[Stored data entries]
+--

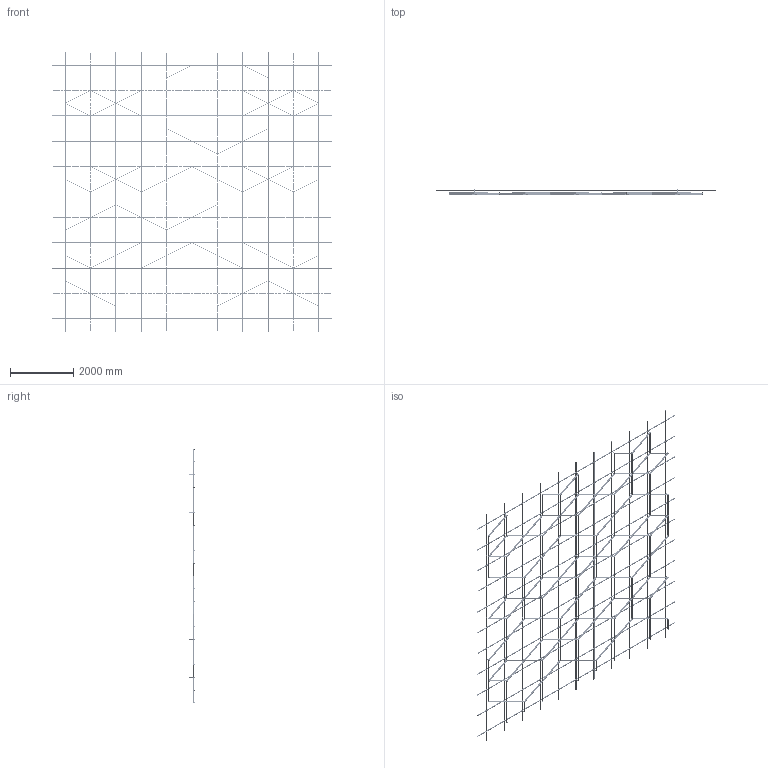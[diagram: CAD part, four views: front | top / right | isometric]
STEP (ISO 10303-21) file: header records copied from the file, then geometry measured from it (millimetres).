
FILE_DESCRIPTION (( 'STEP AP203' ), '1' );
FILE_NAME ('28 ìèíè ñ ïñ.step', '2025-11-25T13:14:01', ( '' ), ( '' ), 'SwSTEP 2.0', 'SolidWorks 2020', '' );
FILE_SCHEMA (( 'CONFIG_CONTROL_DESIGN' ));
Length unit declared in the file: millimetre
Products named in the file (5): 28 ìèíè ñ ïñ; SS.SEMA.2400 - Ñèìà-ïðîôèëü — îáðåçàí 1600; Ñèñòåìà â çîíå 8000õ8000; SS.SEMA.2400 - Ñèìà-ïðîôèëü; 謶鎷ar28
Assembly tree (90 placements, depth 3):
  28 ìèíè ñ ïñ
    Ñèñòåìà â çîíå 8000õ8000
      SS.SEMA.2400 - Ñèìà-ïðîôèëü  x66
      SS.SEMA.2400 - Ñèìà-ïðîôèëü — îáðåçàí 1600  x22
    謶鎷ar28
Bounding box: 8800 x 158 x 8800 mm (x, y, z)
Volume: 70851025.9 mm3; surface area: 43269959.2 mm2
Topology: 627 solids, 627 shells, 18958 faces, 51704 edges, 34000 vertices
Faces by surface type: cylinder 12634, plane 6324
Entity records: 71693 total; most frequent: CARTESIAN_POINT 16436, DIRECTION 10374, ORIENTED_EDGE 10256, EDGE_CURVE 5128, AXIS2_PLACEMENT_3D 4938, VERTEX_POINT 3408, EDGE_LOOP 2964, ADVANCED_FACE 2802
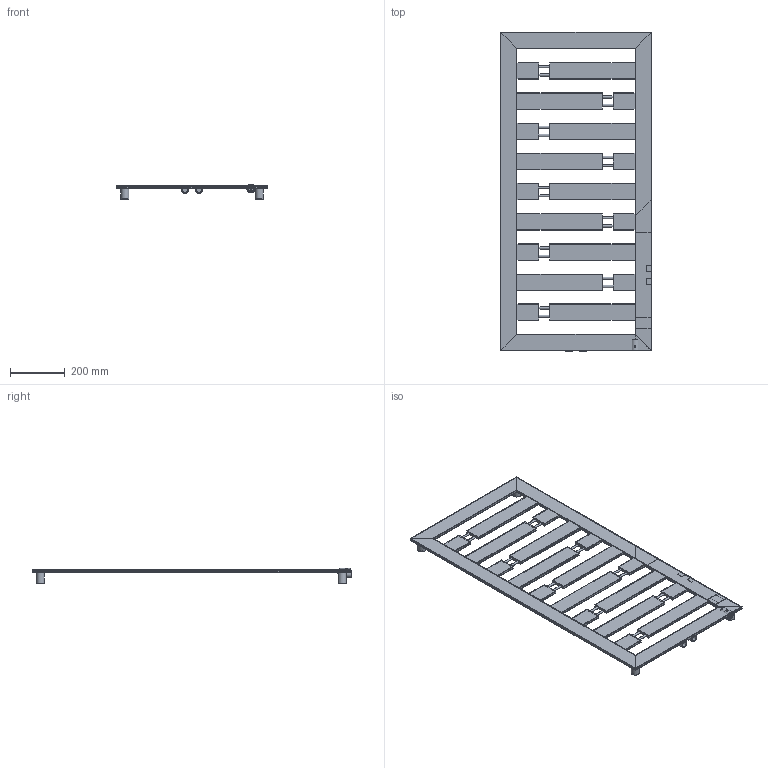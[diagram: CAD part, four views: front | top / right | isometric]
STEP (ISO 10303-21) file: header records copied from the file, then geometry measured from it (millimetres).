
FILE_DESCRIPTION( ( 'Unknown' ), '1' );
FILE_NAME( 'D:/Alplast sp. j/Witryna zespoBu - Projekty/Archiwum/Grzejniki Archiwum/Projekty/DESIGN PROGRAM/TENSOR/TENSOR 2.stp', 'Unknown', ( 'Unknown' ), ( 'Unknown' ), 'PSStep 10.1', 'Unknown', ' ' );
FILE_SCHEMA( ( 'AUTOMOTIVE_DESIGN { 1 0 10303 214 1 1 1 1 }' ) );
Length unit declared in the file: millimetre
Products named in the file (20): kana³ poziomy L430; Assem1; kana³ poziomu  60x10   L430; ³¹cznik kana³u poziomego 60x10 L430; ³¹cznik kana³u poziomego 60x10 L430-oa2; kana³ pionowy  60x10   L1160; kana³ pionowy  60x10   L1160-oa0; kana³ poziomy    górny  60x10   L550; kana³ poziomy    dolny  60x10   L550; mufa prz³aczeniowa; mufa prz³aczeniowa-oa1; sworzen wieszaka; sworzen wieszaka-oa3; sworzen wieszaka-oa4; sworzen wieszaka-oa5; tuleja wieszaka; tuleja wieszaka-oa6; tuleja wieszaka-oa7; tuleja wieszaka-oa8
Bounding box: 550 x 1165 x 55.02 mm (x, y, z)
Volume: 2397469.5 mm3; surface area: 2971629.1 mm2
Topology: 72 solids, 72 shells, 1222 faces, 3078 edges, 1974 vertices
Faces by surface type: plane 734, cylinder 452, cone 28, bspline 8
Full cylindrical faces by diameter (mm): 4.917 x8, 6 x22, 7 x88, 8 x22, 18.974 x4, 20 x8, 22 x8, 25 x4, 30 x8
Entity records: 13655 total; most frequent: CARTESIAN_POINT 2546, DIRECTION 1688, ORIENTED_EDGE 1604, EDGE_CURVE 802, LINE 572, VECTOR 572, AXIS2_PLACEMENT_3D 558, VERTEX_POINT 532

+--

**Your instructions**. Given the records above, reproduce precisely and only the lines between the line holding "Bounding box: 8800 x 158 x 8800 mm (x, y, z)" and the line holding "Faces by surface type: cylinder", inclusive.

**Response area**.
Bounding box: 8800 x 158 x 8800 mm (x, y, z)
Volume: 70851025.9 mm3; surface area: 43269959.2 mm2
Topology: 627 solids, 627 shells, 18958 faces, 51704 edges, 34000 vertices
Faces by surface type: cylinder 12634, plane 6324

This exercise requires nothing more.